What Happened to the Bennetts(68)
I mulled it over. I didn’t know if the killer had been Milo, the BMW driver, someone else, or all of the above. The BMW driver couldn’t have been in two places at once—here and waiting for Hart until the fundraiser was over—but I didn’t know what time Contessa had been killed. If she hadn’t gone to the fundraiser, she could have been killed first, then the killer could have gone after Hart. She would have trusted him enough to let him in, or he could have overpowered her.
I could imagine Contessa’s terror when she realized what was about to happen. I had seen it in Allison’s eyes. The terror of knowing what no one wants to know. I felt a deep stab of grief, and the words came to me as if I were reading my daughter’s mind.
This is how I die.
I couldn’t stop thinking of Allison, then realized I was never not thinking of Allison. Maybe that was the way it was going to be from now on. Maybe that was the way I could keep her with me. Maybe there would come a time when it didn’t make me feel broken, but I doubted it. Allison was younger than Contessa, but they were both too young to be gone.
I flashed on the scene in Contessa’s apartment and the open laptop on the coffee table. I was sure that Lattimore & Finch, if not Hart or Contessa, stored files and documents on the cloud under a passcode. Maybe Milo, or whoever was working for him, had gotten her to delete the file before killing her. The Philly police or the FBI would figure out if it was suicide or murder, but that would come later. Now there was just the loss of a young girl, and that alone was awful.
I scrolled to the website for Lattimore & Finch, then searched under Criminal Justice Team. There were two lawyers and one paralegal—Contessa—in the section. It was a small section, since it existed to serve the CEOs who got target letters or when one of their kids got caught drunk driving.
I thought it over. It was a natural conclusion that probably no one other than Hart and Contessa knew about the cooperation agreement.
“Paul Hart,” I heard someone say. I looked at the TV to see a red Breaking News banner, which read REACTION TO HIT-AND-RUN OF PROMINENT LAWYER. A female TV reporter stood in the drizzle outside of a gray stone edifice, and I listened idly to the report.
“I’m at the War College in Carlisle to speak with Senator Mike Ricks about Center City lawyer Paul Hart, who was killed in a hit-and-run last night. Hold on, here he is now. Senator Ricks, Senator Ricks? Would you like to comment?”
“Certainly.” Senator Ricks appeared with the reporter, his expression somber. He had sterling gray hair, steely wire-rimmed glasses, and plain features with a strong jawline. His bearing was erect, which I recognized as former military. “I offer my deepest condolences,” said the senator, “to his lovely wife and family. I valued Paul’s support, as I do every lawyer and law firm working to support my campaign.”
“Have you heard from the police about any leads?”
“No.” Senator Ricks addressed the camera. “If you or someone you know has any information about this tragedy, please come forward and do the right thing.”
“Thank you, Senator, and for another reaction, we’ll switch to Representative Barbara Caldwell, who has finished speaking at Temple University Law School. Over to you, Tom.”
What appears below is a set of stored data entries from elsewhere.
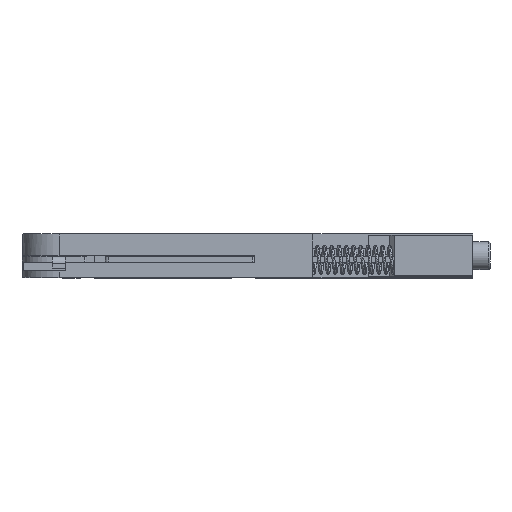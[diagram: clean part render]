
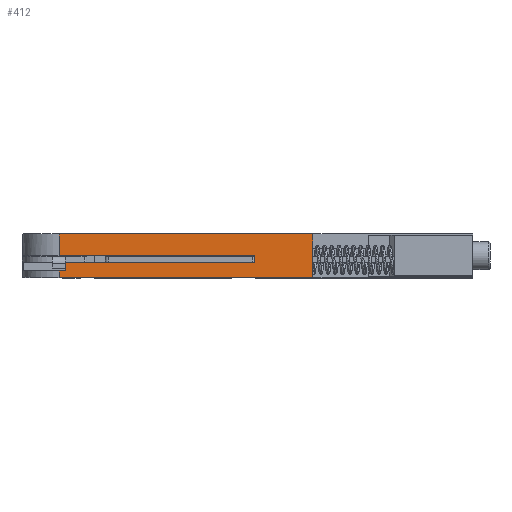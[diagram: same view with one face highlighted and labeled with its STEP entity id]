
A CAD part, top view. The second image highlights one B-rep face of the part: STEP entity #412.
In plain terms, the highlighted planar face has unit normal (0, 0, 1) as drawn and (0, -1, 0) by its records, which use the part's own axes.
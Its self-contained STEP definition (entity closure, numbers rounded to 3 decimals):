
#412 = ADVANCED_FACE ( 'NONE', ( #16159 ), #3810, .F. ) ;
#1327 = DIRECTION ( 'NONE',  ( 0., 1., 0. ) ) ;
#1515 = DIRECTION ( 'NONE',  ( 0., 0., -1. ) ) ;
#1529 = LINE ( 'NONE', #29028, #24976 ) ;
#1694 = LINE ( 'NONE', #11721, #27246 ) ;
#1914 = ORIENTED_EDGE ( 'NONE', *, *, #30304, .F. ) ;
#2814 = CARTESIAN_POINT ( 'NONE',  ( 28.05, 0., 2.432 ) ) ;
#2836 = EDGE_CURVE ( 'NONE', #13926, #25632, #24507, .T. ) ;
#3307 = CARTESIAN_POINT ( 'NONE',  ( 28.5, 0., 2.882 ) ) ;
#3311 = CARTESIAN_POINT ( 'NONE',  ( 15., 0., 1.872 ) ) ;
#3512 = VECTOR ( 'NONE', #5473, 1000. ) ;
#3658 = DIRECTION ( 'NONE',  ( 0., 0., 1. ) ) ;
#3810 = PLANE ( 'NONE',  #16774 ) ;
#3821 = VERTEX_POINT ( 'NONE', #26751 ) ;
#3910 = ORIENTED_EDGE ( 'NONE', *, *, #20819, .F. ) ;
#4020 = ORIENTED_EDGE ( 'NONE', *, *, #17468, .F. ) ;
#4433 = CARTESIAN_POINT ( 'NONE',  ( 10.65, 0., 1.872 ) ) ;
#4994 = VERTEX_POINT ( 'NONE', #21686 ) ;
#5473 = DIRECTION ( 'NONE',  ( 0., 0., 1. ) ) ;
#6412 = CARTESIAN_POINT ( 'NONE',  ( 28.05, 0., 1.872 ) ) ;
#6433 = VERTEX_POINT ( 'NONE', #32057 ) ;
#6790 = CARTESIAN_POINT ( 'NONE',  ( 10.65, 0., 2.432 ) ) ;
#7505 = VECTOR ( 'NONE', #27781, 1000. ) ;
#7652 = EDGE_CURVE ( 'NONE', #4994, #28057, #30748, .T. ) ;
#9434 = ORIENTED_EDGE ( 'NONE', *, *, #24172, .F. ) ;
#10238 = LINE ( 'NONE', #25725, #3512 ) ;
#10326 = VECTOR ( 'NONE', #1515, 1000. ) ;
#11721 = CARTESIAN_POINT ( 'NONE',  ( 10.65, 0., -0.118 ) ) ;
#11878 = ORIENTED_EDGE ( 'NONE', *, *, #32314, .F. ) ;
#12412 = DIRECTION ( 'NONE',  ( 1., 0., 0. ) ) ;
#12628 = CARTESIAN_POINT ( 'NONE',  ( 11., 0., 2.882 ) ) ;
#12940 = CARTESIAN_POINT ( 'NONE',  ( 28.5, 0., -0.118 ) ) ;
#13501 = VECTOR ( 'NONE', #28350, 1000. ) ;
#13669 = VERTEX_POINT ( 'NONE', #17950 ) ;
#13926 = VERTEX_POINT ( 'NONE', #6412 ) ;
#14462 = DIRECTION ( 'NONE',  ( -1., 0., 0. ) ) ;
#15097 = CARTESIAN_POINT ( 'NONE',  ( 28.5, 0., 1.382 ) ) ;
#15181 = ORIENTED_EDGE ( 'NONE', *, *, #30025, .F. ) ;
#16159 = FACE_OUTER_BOUND ( 'NONE', #20192, .T. ) ;
#16334 = LINE ( 'NONE', #29018, #10326 ) ;
#16523 = VECTOR ( 'NONE', #14462, 1000. ) ;
#16774 = AXIS2_PLACEMENT_3D ( 'NONE', #23888, #1327, #3658 ) ;
#17303 = ORIENTED_EDGE ( 'NONE', *, *, #22121, .F. ) ;
#17468 = EDGE_CURVE ( 'NONE', #6433, #4994, #19322, .T. ) ;
#17801 = ORIENTED_EDGE ( 'NONE', *, *, #2836, .F. ) ;
#17950 = CARTESIAN_POINT ( 'NONE',  ( 11., 0., -0.118 ) ) ;
#18088 = VERTEX_POINT ( 'NONE', #2814 ) ;
#18403 = VERTEX_POINT ( 'NONE', #26783 ) ;
#19322 = LINE ( 'NONE', #29386, #26560 ) ;
#20192 = EDGE_LOOP ( 'NONE', ( #17801, #21282, #1914, #11878, #17303, #9434, #3910, #21604, #4020, #15181 ) ) ;
#20819 = EDGE_CURVE ( 'NONE', #28057, #13669, #1694, .T. ) ;
#21282 = ORIENTED_EDGE ( 'NONE', *, *, #22519, .F. ) ;
#21604 = ORIENTED_EDGE ( 'NONE', *, *, #7652, .F. ) ;
#21686 = CARTESIAN_POINT ( 'NONE',  ( 28.5, 0., 1.392 ) ) ;
#21768 = DIRECTION ( 'NONE',  ( -1., 0., 0. ) ) ;
#22121 = EDGE_CURVE ( 'NONE', #23291, #18403, #27072, .T. ) ;
#22519 = EDGE_CURVE ( 'NONE', #18088, #13926, #1529, .T. ) ;
#23291 = VERTEX_POINT ( 'NONE', #12628 ) ;
#23888 = CARTESIAN_POINT ( 'NONE',  ( 10.65, 0., 2.942 ) ) ;
#24075 = VECTOR ( 'NONE', #28011, 1000. ) ;
#24172 = EDGE_CURVE ( 'NONE', #13669, #23291, #10238, .T. ) ;
#24507 = LINE ( 'NONE', #4433, #16523 ) ;
#24976 = VECTOR ( 'NONE', #26066, 1000. ) ;
#25522 = LINE ( 'NONE', #3307, #24075 ) ;
#25632 = VERTEX_POINT ( 'NONE', #3311 ) ;
#25725 = CARTESIAN_POINT ( 'NONE',  ( 11., 0., 2.942 ) ) ;
#26066 = DIRECTION ( 'NONE',  ( 0., 0., -1. ) ) ;
#26525 = VECTOR ( 'NONE', #12412, 1000. ) ;
#26560 = VECTOR ( 'NONE', #27059, 1000. ) ;
#26751 = CARTESIAN_POINT ( 'NONE',  ( 28.5, 0., 2.432 ) ) ;
#26783 = CARTESIAN_POINT ( 'NONE',  ( 28.5, 0., 2.882 ) ) ;
#27059 = DIRECTION ( 'NONE',  ( 1., 0., 0. ) ) ;
#27072 = LINE ( 'NONE', #30056, #26525 ) ;
#27246 = VECTOR ( 'NONE', #21768, 1000. ) ;
#27781 = DIRECTION ( 'NONE',  ( 0., 0., -1. ) ) ;
#28011 = DIRECTION ( 'NONE',  ( 0., 0., -1. ) ) ;
#28057 = VERTEX_POINT ( 'NONE', #12940 ) ;
#28350 = DIRECTION ( 'NONE',  ( -1., 0., 0. ) ) ;
#29018 = CARTESIAN_POINT ( 'NONE',  ( 15., 0., 2.942 ) ) ;
#29028 = CARTESIAN_POINT ( 'NONE',  ( 28.05, 0., 1.832 ) ) ;
#29345 = LINE ( 'NONE', #6790, #13501 ) ;
#29386 = CARTESIAN_POINT ( 'NONE',  ( 10.65, 0., 1.392 ) ) ;
#30025 = EDGE_CURVE ( 'NONE', #25632, #6433, #16334, .T. ) ;
#30056 = CARTESIAN_POINT ( 'NONE',  ( -0.62, 0., 2.882 ) ) ;
#30304 = EDGE_CURVE ( 'NONE', #3821, #18088, #29345, .T. ) ;
#30748 = LINE ( 'NONE', #15097, #7505 ) ;
#32057 = CARTESIAN_POINT ( 'NONE',  ( 15., 0., 1.392 ) ) ;
#32314 = EDGE_CURVE ( 'NONE', #18403, #3821, #25522, .T. ) ;

The screen changed and a male TV reporter appeared, standing with a tall, attractive woman with tortoiseshell glasses, her dark hair pulled back. “Representative Caldwell, do you have any comment on the death of Paul Hart last night in Center City?”
“Yes, I extend my deepest sympathies to his family and his wife. I knew Paul, not just as a loyal supporter, but also as a fellow lawyer.”
“Representative Caldwell, Mr. Hart was a supporter of Democratic causes as well as Republican, and public records show that Lattimore and Finch contributed to your campaign and Senator Ricks’s. Do you have any comment on that?”
Representative Caldwell smiled tightly. “If you’re suggesting that bothers me, let me assure you, it doesn’t.”
The TV reporter nodded. “Do you feel the same way if records show that Lattimore contributed five hundred thousand dollars more to candidates from the other party?”
“Of course,” Representative Caldwell shot back. “Now, I must go.”
“Thank you,” the reporter said, and I shifted my attention to the task at hand.
I took the cards from Junior’s flower arrangements out of the box. I had numbered them according to the way I had gathered them from the display, that night on the floor of Remy’s office. I picked them up and started to lay them out in order, left to right: first row, second row, third row. On each card, I had written the name of the GVO member under his alias, which I had found on the indictments.
I scanned the cards, taking mental inventory. Now I knew the GVO members and their proper names, but I didn’t know what else I had, if anything. Then I looked at the cards again, flashing on the display of the floral arrangements at the funeral home. The smallest ones had been on the bottom shelf, the medium-size ones on the second shelf, and the biggest ones on the top shelf. Behind the shelves had been the massive displays on easels.
I scanned the cards again and had another thought. The arrangement of the cards could be a reflection of GVO’s organizational structure. It made sense that members who earned the most bought the biggest arrangements, the middle-types bought the medium arrangements, and those on the bottom shelf were the lowest-level members of the organization.